Wie stelle ich das jetzt an daß nicht ein Verzeichnis neben die Jahr geschrieben wird sondern die Daten innerhalb der Jar benutzt werden?
Wahrscheinlich irgendwas mit dem Classloader aber das hab ich nicht hinbekommen 

Ich hoff ihr könnt mir helfen.
Dank im Voraus

Danny


----------



## Wildcard (7. Jan 2007)

Das du in die jar nichts schreiben kannst ist dir aber klar?


----------



## danny2 (7. Jan 2007)

hmm...mir düngt sowas ja lol

und entpacken, bearbeiten, packen is zu umständlich oder?
sieht ja voll scheiße aus wenn ich immer ne jar und nen ordner nebenbei hab in dem auchnoch in klartext informationen geschrieben sind.
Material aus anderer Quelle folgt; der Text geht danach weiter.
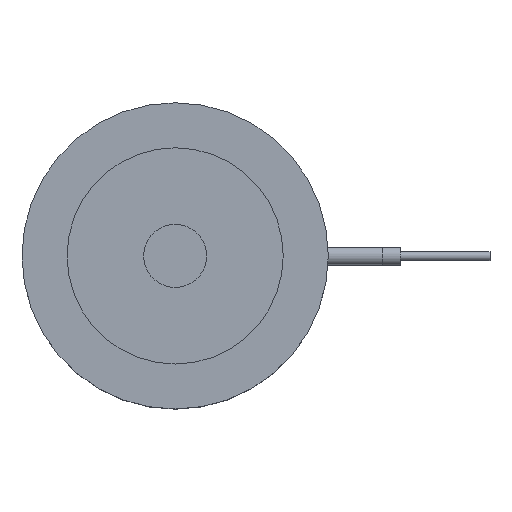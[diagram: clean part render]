
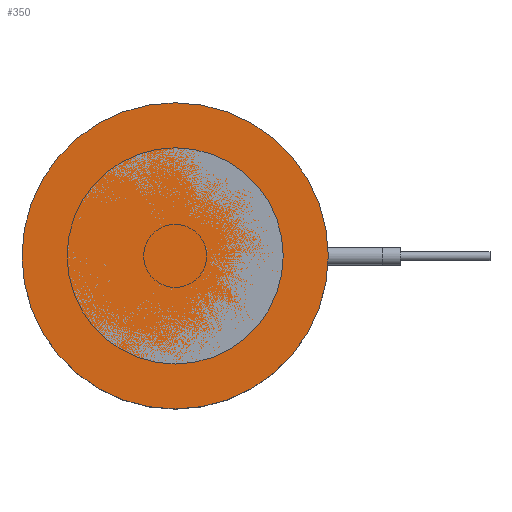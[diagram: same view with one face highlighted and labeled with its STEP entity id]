
A CAD part, top view. The second image highlights one B-rep face of the part: STEP entity #350.
In plain terms, the highlighted planar face has unit normal (0, 0, 1).
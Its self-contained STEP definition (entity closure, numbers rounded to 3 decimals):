
#215=PLANE('',#1190);
#267=FACE_OUTER_BOUND('',#565,.T.);
#350=ADVANCED_FACE('',(#267),#215,.F.);
#565=EDGE_LOOP('',(#777));
#777=ORIENTED_EDGE('',*,*,#976,.F.);
#869=VERTEX_POINT('',#1881);
#976=EDGE_CURVE('',#869,#869,#1046,.T.);
#1046=CIRCLE('',#1189,17.);
#1189=AXIS2_PLACEMENT_3D('',#1880,#1504,#1505);
#1190=AXIS2_PLACEMENT_3D('',#1882,#1506,#1507);
#1504=DIRECTION('',(0.,0.,-1.));
#1505=DIRECTION('',(-1.,0.,0.));
#1506=DIRECTION('',(0.,0.,-1.));
#1507=DIRECTION('',(-1.,0.,0.));
#1880=CARTESIAN_POINT('',(0.,0.,0.));
#1881=CARTESIAN_POINT('',(-17.,0.,0.));
#1882=CARTESIAN_POINT('',(0.,0.,0.));
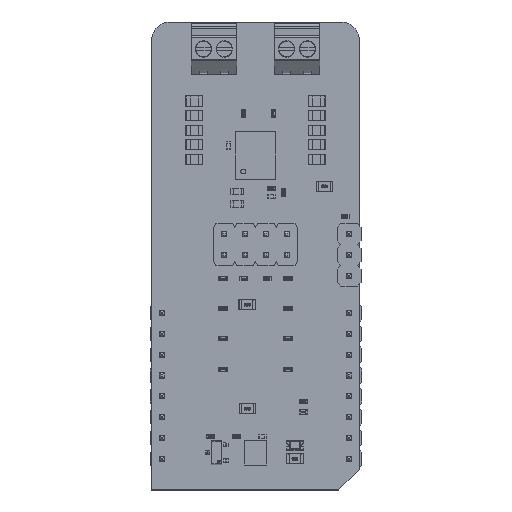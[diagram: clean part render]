
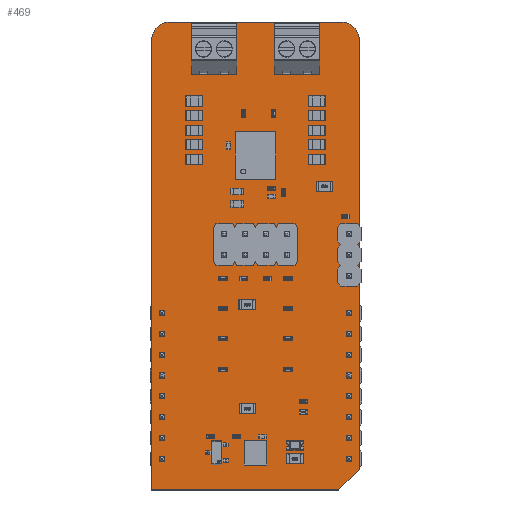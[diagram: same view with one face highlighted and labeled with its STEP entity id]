
A CAD part, top view. The second image highlights one B-rep face of the part: STEP entity #469.
In plain terms, the highlighted planar face has unit normal (0, 0, 1).
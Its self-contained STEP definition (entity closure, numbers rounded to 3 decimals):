
#240 = VERTEX_POINT('',#241);
#241 = CARTESIAN_POINT('',(-1.27,-3.81,1.59));
#247 = EDGE_CURVE('',#240,#248,#250,.T.);
#248 = VERTEX_POINT('',#249);
#249 = CARTESIAN_POINT('',(-1.27,51.054,1.59));
#250 = LINE('',#251,#252);
#251 = CARTESIAN_POINT('',(-1.27,-3.81,1.59));
#252 = VECTOR('',#253,1.);
#253 = DIRECTION('',(0.,1.,0.));
#278 = EDGE_CURVE('',#248,#279,#281,.T.);
#279 = VERTEX_POINT('',#280);
#280 = CARTESIAN_POINT('',(1.016,53.34,1.59));
#281 = CIRCLE('',#282,2.288);
#282 = AXIS2_PLACEMENT_3D('',#283,#284,#285);
#283 = CARTESIAN_POINT('',(1.018,51.052,1.59));
#284 = DIRECTION('',(0.,0.,-1.));
#285 = DIRECTION('',(-1.,0.001,0.));
#311 = EDGE_CURVE('',#279,#312,#314,.T.);
#312 = VERTEX_POINT('',#313);
#313 = CARTESIAN_POINT('',(21.844,53.34,1.59));
#314 = LINE('',#315,#316);
#315 = CARTESIAN_POINT('',(1.016,53.34,1.59));
#316 = VECTOR('',#317,1.);
#317 = DIRECTION('',(1.,0.,0.));
#342 = EDGE_CURVE('',#312,#343,#345,.T.);
#343 = VERTEX_POINT('',#344);
#344 = CARTESIAN_POINT('',(24.13,51.054,1.59));
#345 = CIRCLE('',#346,2.288);
#346 = AXIS2_PLACEMENT_3D('',#347,#348,#349);
#347 = CARTESIAN_POINT('',(21.842,51.052,1.59));
#348 = DIRECTION('',(0.,0.,-1.));
#349 = DIRECTION('',(0.001,1.,0.));
#375 = EDGE_CURVE('',#343,#376,#378,.T.);
#376 = VERTEX_POINT('',#377);
#377 = CARTESIAN_POINT('',(24.13,-1.27,1.59));
#378 = LINE('',#379,#380);
#379 = CARTESIAN_POINT('',(24.13,51.054,1.59));
#380 = VECTOR('',#381,1.);
#381 = DIRECTION('',(0.,-1.,0.));
#406 = EDGE_CURVE('',#376,#407,#409,.T.);
#407 = VERTEX_POINT('',#408);
#408 = CARTESIAN_POINT('',(21.59,-3.81,1.59));
#409 = LINE('',#410,#411);
#410 = CARTESIAN_POINT('',(24.13,-1.27,1.59));
#411 = VECTOR('',#412,1.);
#412 = DIRECTION('',(-0.707,-0.707,0.));
#437 = EDGE_CURVE('',#407,#240,#438,.T.);
#438 = LINE('',#439,#440);
#439 = CARTESIAN_POINT('',(21.59,-3.81,1.59));
#440 = VECTOR('',#441,1.);
#441 = DIRECTION('',(-1.,0.,0.));
#469 = ADVANCED_FACE('',(#470),#479,.F.);
#470 = FACE_BOUND('',#471,.F.);
#471 = EDGE_LOOP('',(#472,#473,#474,#475,#476,#477,#478));
#472 = ORIENTED_EDGE('',*,*,#247,.T.);
#473 = ORIENTED_EDGE('',*,*,#278,.T.);
#474 = ORIENTED_EDGE('',*,*,#311,.T.);
#475 = ORIENTED_EDGE('',*,*,#342,.T.);
#476 = ORIENTED_EDGE('',*,*,#375,.T.);
#477 = ORIENTED_EDGE('',*,*,#406,.T.);
#478 = ORIENTED_EDGE('',*,*,#437,.T.);
#479 = PLANE('',#480);
#480 = AXIS2_PLACEMENT_3D('',#481,#482,#483);
#481 = CARTESIAN_POINT('',(11.305,24.669,1.59));
#482 = DIRECTION('',(-0.,-0.,-1.));
#483 = DIRECTION('',(-1.,0.,0.));
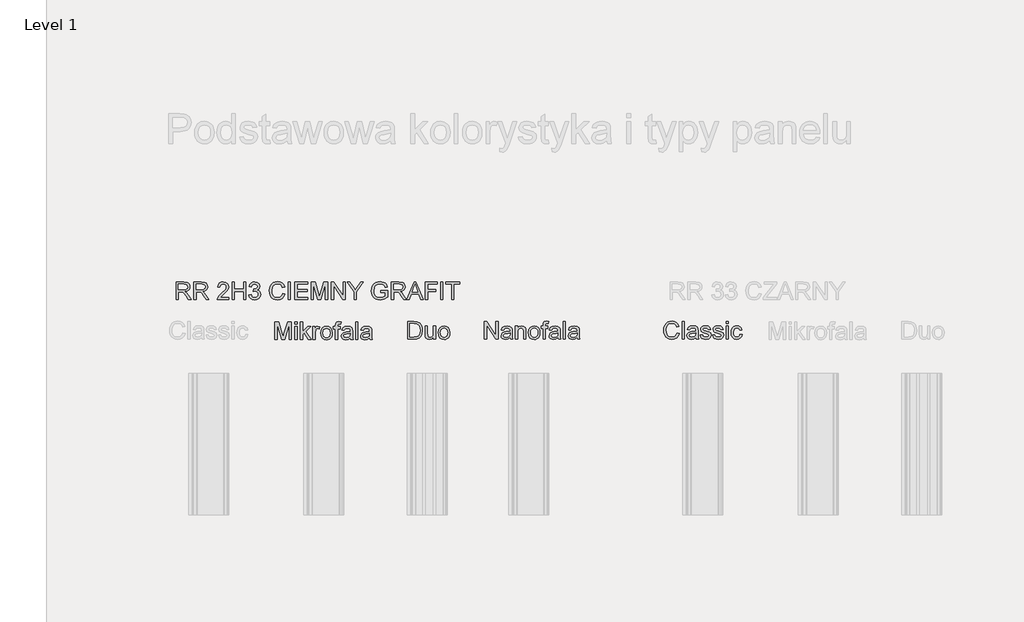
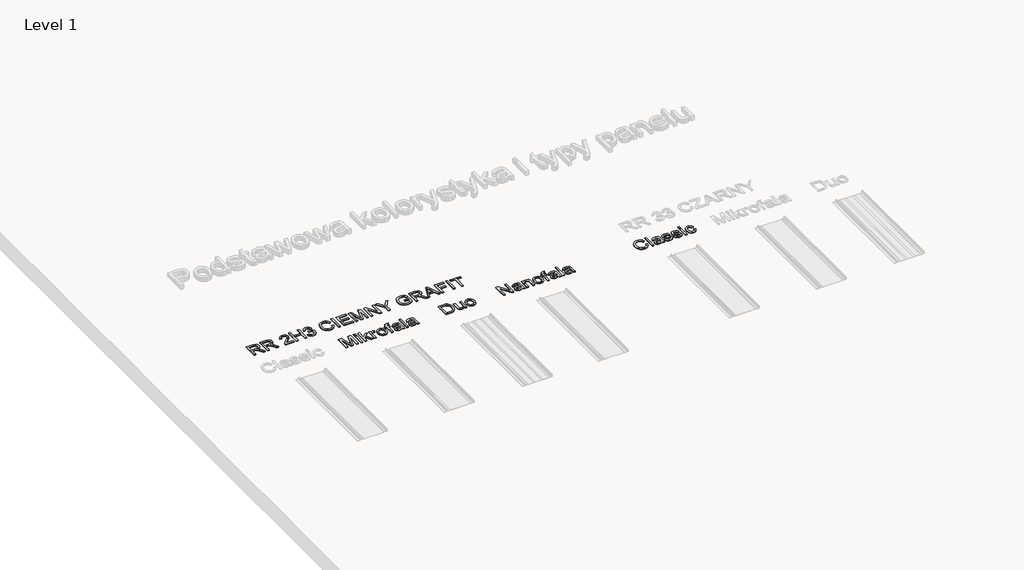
# One storey, part 19 of 24: 5 proxies.
"""IFC4 building model written with IfcOpenShell, lengths in millimetres."""

from ifc_helpers import new_model, si_unit, frame, origin, place, context, project, spatial, polyline, outline, extrude, element, save

model = new_model("IFC4")

# Units and contexts
model_context = context("Model", 3, world=origin())
ifc_project = project(units=[si_unit("LENGTHUNIT", "METRE", prefix="MILLI")], contexts=[model_context])

# Site, building, storey
site = spatial("IfcSite", under=ifc_project)
building = spatial("IfcBuilding", under=site)
storey = spatial("IfcBuildingStorey", under=building, Name="Level 1", Elevation=0.0)

# Proxies
placement = place(None, origin())
element("IfcBuildingElementProxy", 1, Name="150", ObjectType="150", at=placement, inside=storey, context=model_context, shape_type="SweptSolid", body=[
    extrude(outline(polyline([(-7895.6654959, 1124.718613), (-7895.6654959, 1275.4030782), (-7863.3654568, 1275.4030782), (-7832.4633692, 1169.1955462), (-7826.2093753, 1147.0122619), (-7819.4771347, 1171.0349562), (-7789.1636583, 1275.4030782), (-7756.7532546, 1275.4030782), (-7756.7532546, 1124.718613), (-7775.5888127, 1124.718613), (-7775.5888127, 1256.5675201), (-7813.44387, 1124.718613), (-7838.9380923, 1124.718613), (-7876.8299378, 1256.5675201), (-7876.8299378, 1124.718613), (-7895.6654959, 1124.718613)])), frame((0.0, 0.0, 600.0), z_axis=(0.0, 0.0, 1.0), x_axis=(1.0, 0.0, 0.0)), (0.0, 0.0, 1.0), 10.0),
    extrude(outline(polyline([(-7726.1454726, 1256.5675201), (-7726.1454726, 1275.4030782), (-7707.3099144, 1275.4030782), (-7707.3099144, 1256.5675201), (-7726.1454726, 1256.5675201)])), frame((0.0, 0.0, 600.0), z_axis=(0.0, 0.0, 1.0), x_axis=(1.0, 0.0, 0.0)), (0.0, 0.0, 1.0), 10.0),
    extrude(outline(polyline([(-7726.1454726, 1124.718613), (-7726.1454726, 1235.3775171), (-7707.3099144, 1235.3775171), (-7707.3099144, 1124.718613), (-7726.1454726, 1124.718613)])), frame((0.0, 0.0, 600.0), z_axis=(0.0, 0.0, 1.0), x_axis=(1.0, 0.0, 0.0)), (0.0, 0.0, 1.0), 10.0),
    extrude(outline(polyline([(-7679.0565772, 1124.718613), (-7679.0565772, 1275.4030782), (-7660.221019, 1275.4030782), (-7660.221019, 1194.4322511), (-7617.988166, 1235.3775171), (-7591.9421207, 1235.3775171), (-7634.7267968, 1193.9172163), (-7589.587676, 1124.718613), (-7611.5870193, 1124.718613), (-7648.228066, 1180.8206173), (-7660.221019, 1169.158758), (-7660.221019, 1124.718613), (-7679.0565772, 1124.718613)])), frame((0.0, 0.0, 600.0), z_axis=(0.0, 0.0, 1.0), x_axis=(1.0, 0.0, 0.0)), (0.0, 0.0, 1.0), 10.0),
    extrude(outline(polyline([(-7573.1065626, 1124.718613), (-7573.1065626, 1235.3775171), (-7556.6254492, 1235.3775171), (-7556.6254492, 1219.0067684), (-7544.9268017, 1234.0899302), (-7533.1545779, 1237.7319619), (-7514.2454433, 1231.9194264), (-7520.5362255, 1215.0336428), (-7533.7799773, 1218.8964038), (-7544.4301611, 1215.1807956), (-7551.2175839, 1204.8800997), (-7554.2710044, 1182.8807564), (-7554.2710044, 1124.718613), (-7573.1065626, 1124.718613)])), frame((0.0, 0.0, 600.0), z_axis=(0.0, 0.0, 1.0), x_axis=(1.0, 0.0, 0.0)), (0.0, 0.0, 1.0), 10.0),
    extrude(outline(polyline([(-7507.182109, 1180.0480651), (-7503.1078159, 1206.7287068), (-7490.8849367, 1225.4814915), (-7475.7833808, 1234.6693443), (-7457.7019807, 1237.7319619), (-7437.9145279, 1234.0025582), (-7422.1093977, 1222.814347), (-7411.748921, 1205.0502452), (-7408.2954287, 1181.5931694), (-7409.822139, 1162.5644732), (-7414.4022699, 1148.0791197), (-7421.902464, 1137.2311993), (-7432.1893643, 1129.1148028), (-7444.4076451, 1124.0518269), (-7457.7019807, 1122.3641682), (-7477.7285568, 1126.0797764), (-7493.5152929, 1137.2266008), (-7503.765405, 1155.3631832), (-7507.182109, 1180.0480651)]), holes=[polyline([(-7488.3465509, 1180.0848533), (-7486.1668501, 1163.0381213), (-7479.6277476, 1150.8934169), (-7469.7869042, 1143.623149), (-7457.7019807, 1141.1997264), (-7445.6722394, 1143.6369446), (-7435.8497902, 1150.9485992), (-7429.3106877, 1163.254252), (-7427.1309869, 1180.6734645), (-7429.3244833, 1197.2235557), (-7435.9049725, 1209.2027132), (-7445.7412173, 1216.4729811), (-7457.7019807, 1218.8964038), (-7469.7869042, 1216.4821782), (-7479.6277476, 1209.2395014), (-7486.1668501, 1197.1223882), (-7488.3465509, 1180.0848533)])]), frame((0.0, 0.0, 600.0), z_axis=(0.0, 0.0, 1.0), x_axis=(1.0, 0.0, 0.0)), (0.0, 0.0, 1.0), 10.0),
    extrude(outline(polyline([(-7382.3965363, 1124.718613), (-7382.3965363, 1216.541959), (-7398.8776497, 1216.541959), (-7398.8776497, 1235.3775171), (-7382.3965363, 1235.3775171), (-7382.3965363, 1246.5243416), (-7380.4099735, 1262.2329028), (-7370.7714652, 1273.4533036), (-7351.7887543, 1277.757523), (-7334.6086651, 1275.6973838), (-7337.3677801, 1258.039048), (-7348.2202989, 1258.9219648), (-7360.0844933, 1255.7949679), (-7363.5609781, 1244.1331086), (-7363.5609781, 1235.3775171), (-7342.3709752, 1235.3775171), (-7342.3709752, 1216.541959), (-7363.5609781, 1216.541959), (-7363.5609781, 1124.718613), (-7382.3965363, 1124.718613)])), frame((0.0, 0.0, 600.0), z_axis=(0.0, 0.0, 1.0), x_axis=(1.0, 0.0, 0.0)), (0.0, 0.0, 1.0), 10.0),
    extrude(outline(polyline([(-7255.2565187, 1138.8452816), (-7273.5218598, 1126.0797764), (-7293.7001872, 1122.3641682), (-7309.4409381, 1124.5990513), (-7321.0522136, 1131.3037007), (-7328.2121169, 1141.4848349), (-7330.5987514, 1154.1491726), (-7326.9935078, 1169.0483934), (-7317.5205464, 1179.8641241), (-7304.3319769, 1186.0445416), (-7288.0348045, 1188.8772329), (-7255.3668833, 1195.3519561), (-7255.2565187, 1199.5458108), (-7256.5533028, 1207.9519144), (-7260.4436549, 1213.4517502), (-7269.1440641, 1217.5352404), (-7281.2657758, 1218.8964038), (-7300.3220632, 1215.2727661), (-7309.4087484, 1202.4152904), (-7328.2443066, 1204.7697351), (-7320.0957204, 1223.1638349), (-7303.6881834, 1233.9427774), (-7278.8377546, 1237.7319619), (-7256.0106768, 1234.3842357), (-7243.1164129, 1225.9781322), (-7237.3406656, 1213.1942328), (-7236.4209606, 1196.7131194), (-7236.4209606, 1173.2790364), (-7235.4644674, 1140.5559329), (-7231.7120711, 1124.718613), (-7250.5476292, 1124.718613), (-7255.2565187, 1138.8452816)]), holes=[polyline([(-7255.2565187, 1176.5163979), (-7285.6435715, 1170.7406506), (-7301.8487734, 1167.68723), (-7309.1880192, 1162.7208231), (-7311.7631932, 1155.4735478), (-7306.1529928, 1145.2832165), (-7289.6902735, 1141.1997264), (-7270.6339861, 1145.7062808), (-7258.3467275, 1156.613982), (-7255.3668833, 1171.182109), (-7255.2565187, 1176.5163979)])]), frame((0.0, 0.0, 600.0), z_axis=(0.0, 0.0, 1.0), x_axis=(1.0, 0.0, 0.0)), (0.0, 0.0, 1.0), 10.0),
    extrude(outline(polyline([(-7210.5220681, 1124.718613), (-7210.5220681, 1275.4030782), (-7191.68651, 1275.4030782), (-7191.68651, 1124.718613), (-7210.5220681, 1124.718613)])), frame((0.0, 0.0, 600.0), z_axis=(0.0, 0.0, 1.0), x_axis=(1.0, 0.0, 0.0)), (0.0, 0.0, 1.0), 10.0),
    extrude(outline(polyline([(-7092.7998297, 1138.8452816), (-7111.0651707, 1126.0797764), (-7131.2434982, 1122.3641682), (-7146.984249, 1124.5990513), (-7158.5955245, 1131.3037007), (-7165.7554278, 1141.4848349), (-7168.1420623, 1154.1491726), (-7164.5368187, 1169.0483934), (-7155.0638574, 1179.8641241), (-7141.8752878, 1186.0445416), (-7125.5781154, 1188.8772329), (-7092.9101943, 1195.3519561), (-7092.7998297, 1199.5458108), (-7094.0966137, 1207.9519144), (-7097.9869658, 1213.4517502), (-7106.687375, 1217.5352404), (-7118.8090867, 1218.8964038), (-7137.8653741, 1215.2727661), (-7146.9520594, 1202.4152904), (-7165.7876175, 1204.7697351), (-7157.6390313, 1223.1638349), (-7141.2314943, 1233.9427774), (-7116.3810656, 1237.7319619), (-7093.5539878, 1234.3842357), (-7080.6597238, 1225.9781322), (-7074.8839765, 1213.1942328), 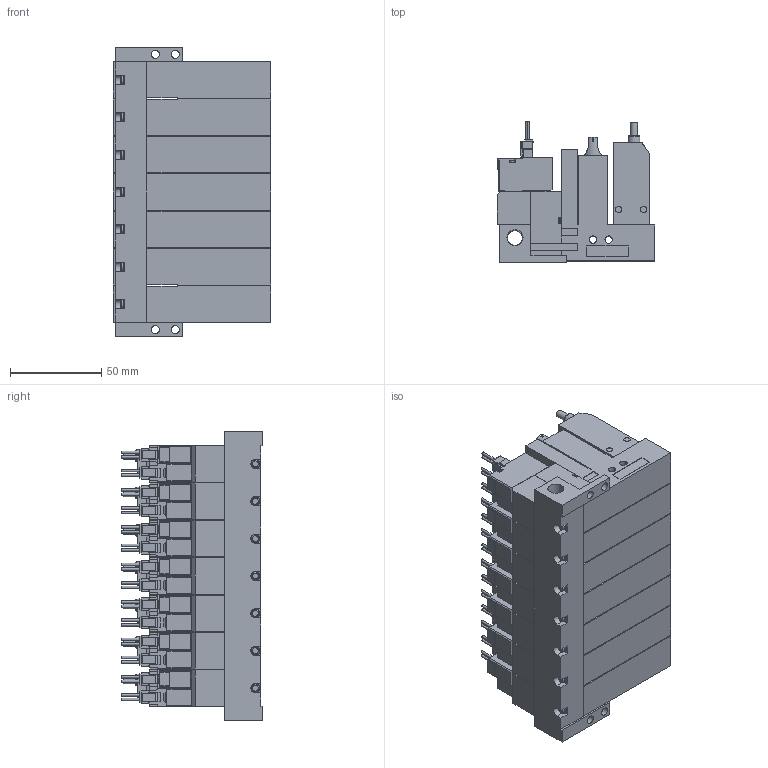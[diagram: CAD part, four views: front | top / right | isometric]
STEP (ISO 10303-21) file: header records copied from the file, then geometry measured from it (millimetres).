
FILE_DESCRIPTION(('STEP AP203'),'1');
FILE_NAME('ABS_ABPL5ALR707.stp','2025-02-25T02:14:47',(' '),(' '),'Spatial InterOp 3D',' ',' ');
FILE_SCHEMA(('CONFIG_CONTROL_DESIGN'));
Length unit declared in the file: millimetre
Products named in the file (5): BMC22M※※※※ABS_ABPL5ALR707; Solenoid valve A; Pressure sensor ABSL; Unit L; Base MR70R
Assembly tree (22 placements, depth 2):
  BMC22M※※※※ABS_ABPL5ALR707
    Solenoid valve A  x7
    Pressure sensor ABSL  x7
    Unit L  x7
    Base MR70R
Bounding box: 86.6 x 77.45 x 159 mm (x, y, z)
Volume: 629244.5 mm3; surface area: 173717 mm2
Topology: 22 solids, 22 shells, 2646 faces, 7087 edges, 4667 vertices
Faces by surface type: plane 2240, cylinder 327, cone 51, torus 28
Full cylindrical faces by diameter (mm): 1.4 x28, 2.5 x7, 3 x28, 3.5 x42, 3.6 x7, 4 x21, 4.134 x7, 4.5 x4, 5.2 x7, 6 x7, 6.5 x7, 6.6 x7, 8.279 x1
Entity records: 15201 total; most frequent: CARTESIAN_POINT 2921, DIRECTION 2432, ORIENTED_EDGE 2342, EDGE_CURVE 1171, LINE 930, VECTOR 930, VERTEX_POINT 825, AXIS2_PLACEMENT_3D 751

was isn da die "optimale" herangehensweise?


----------



## Wildcard (7. Jan 2007)

danny2 hat gesagt.:
			
		

> und entpacken, bearbeiten, packen is zu umständlich oder?


Das geht nicht, da ein lock auf der Datei liegt solange sie ausgeführt wird.
Du könntest dein Programm zum Beispiel installieren und die Informationen dann irgendwo im Programmordner speichern.


----------